When a single value is specified, it shall be interpreted as an upper or lower single -
sided 90 percent confidence limit. If two values, these shall be interpreted as a two-
sided 90 percent confidence interval, consisting of the NSV and MAV.

In the case of Mean Time Between Failure (MTBF), for example, the null hypothesis
is that the true MTBF is at least as great as the desired value (NSV), while The
alternate hypothesis is that the true value of the MTBF is less than some lower value
(Minimum Acceptable Value). In the case of error rate, the null hypothesis is that the
true error rate is less than some very small desired value (NSV), while the alternate
hypothesis is that the true error rate is greater than some larger value that is the upper
limit for acceptable error (Maximum Acceptable Value).




C.4         Time-based Failure Testing Criteria

An equivalence between a number of events and a time period can be established
when the operating scenarios of a system can be determined with precision. Many of
the performance test criteria of Section Volume II, Section 4, Hardware Testing, use
this equivalence.

System acceptance or rejection can be determined by observing the number of
relevant failures that occur during equipment operation. The probability ratio for this
test is derived from the Exponential probability distribution. This distribution implies a
constant hazard rate. Therefore, two or more systems may be tested simultaneously to
accumulate the required number of test hours, and the validity of the data is not
affected by the number of operating hours on a partic ular unit of equipment.
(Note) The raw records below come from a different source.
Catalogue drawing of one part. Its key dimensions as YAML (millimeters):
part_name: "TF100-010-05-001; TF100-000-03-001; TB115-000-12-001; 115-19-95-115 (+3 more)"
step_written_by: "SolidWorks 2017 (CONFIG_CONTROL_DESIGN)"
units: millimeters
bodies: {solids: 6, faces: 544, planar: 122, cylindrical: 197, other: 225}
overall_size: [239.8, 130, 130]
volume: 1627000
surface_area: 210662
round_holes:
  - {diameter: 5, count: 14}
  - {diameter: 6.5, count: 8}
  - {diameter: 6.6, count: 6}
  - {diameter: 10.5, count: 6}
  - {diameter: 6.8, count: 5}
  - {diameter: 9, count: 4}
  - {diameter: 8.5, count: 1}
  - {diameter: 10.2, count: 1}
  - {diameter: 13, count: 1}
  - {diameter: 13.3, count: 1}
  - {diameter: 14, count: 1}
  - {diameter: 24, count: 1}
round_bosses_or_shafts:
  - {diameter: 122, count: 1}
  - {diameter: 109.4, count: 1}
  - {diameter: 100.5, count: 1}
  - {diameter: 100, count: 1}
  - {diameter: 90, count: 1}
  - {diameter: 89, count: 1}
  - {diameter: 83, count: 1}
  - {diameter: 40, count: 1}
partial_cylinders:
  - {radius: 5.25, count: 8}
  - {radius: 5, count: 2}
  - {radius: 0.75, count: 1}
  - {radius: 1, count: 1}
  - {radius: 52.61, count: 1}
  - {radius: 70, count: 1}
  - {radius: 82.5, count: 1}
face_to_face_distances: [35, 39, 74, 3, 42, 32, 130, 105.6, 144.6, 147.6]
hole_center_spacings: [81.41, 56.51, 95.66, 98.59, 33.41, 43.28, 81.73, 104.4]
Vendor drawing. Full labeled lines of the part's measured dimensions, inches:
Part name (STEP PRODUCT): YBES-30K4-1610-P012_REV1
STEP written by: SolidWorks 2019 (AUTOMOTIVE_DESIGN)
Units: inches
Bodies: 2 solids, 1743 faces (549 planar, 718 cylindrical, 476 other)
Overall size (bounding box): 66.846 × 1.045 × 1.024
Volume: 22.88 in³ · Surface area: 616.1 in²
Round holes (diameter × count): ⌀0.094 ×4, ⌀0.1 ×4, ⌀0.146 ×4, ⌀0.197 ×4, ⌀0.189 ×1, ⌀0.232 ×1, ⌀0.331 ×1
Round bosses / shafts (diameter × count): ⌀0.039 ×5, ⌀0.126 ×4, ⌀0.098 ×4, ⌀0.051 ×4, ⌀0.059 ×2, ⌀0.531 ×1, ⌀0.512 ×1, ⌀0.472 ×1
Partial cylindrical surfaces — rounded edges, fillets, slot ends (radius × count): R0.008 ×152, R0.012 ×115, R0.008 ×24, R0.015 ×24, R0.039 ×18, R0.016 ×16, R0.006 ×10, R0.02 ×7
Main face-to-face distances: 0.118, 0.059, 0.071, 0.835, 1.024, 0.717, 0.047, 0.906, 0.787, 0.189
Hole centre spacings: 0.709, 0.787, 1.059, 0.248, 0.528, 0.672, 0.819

However,
for environmental operating hardware tests, no unit shall be subjected to less than two
complete 24 hour test cycles in a test chamber as required by Volume II, Subsection
4.7.2. of the Standards.

In this case, the null hypothesis is that the Mean Time Between Failure (MTBF), as
defined in Subsection 3.4.3 of the Standards, is at least as great as some value, here
the Nominal Specification Value. The alternate hypothesis is that the MTBF is no
better than some value, here the Minimum Acceptable Value.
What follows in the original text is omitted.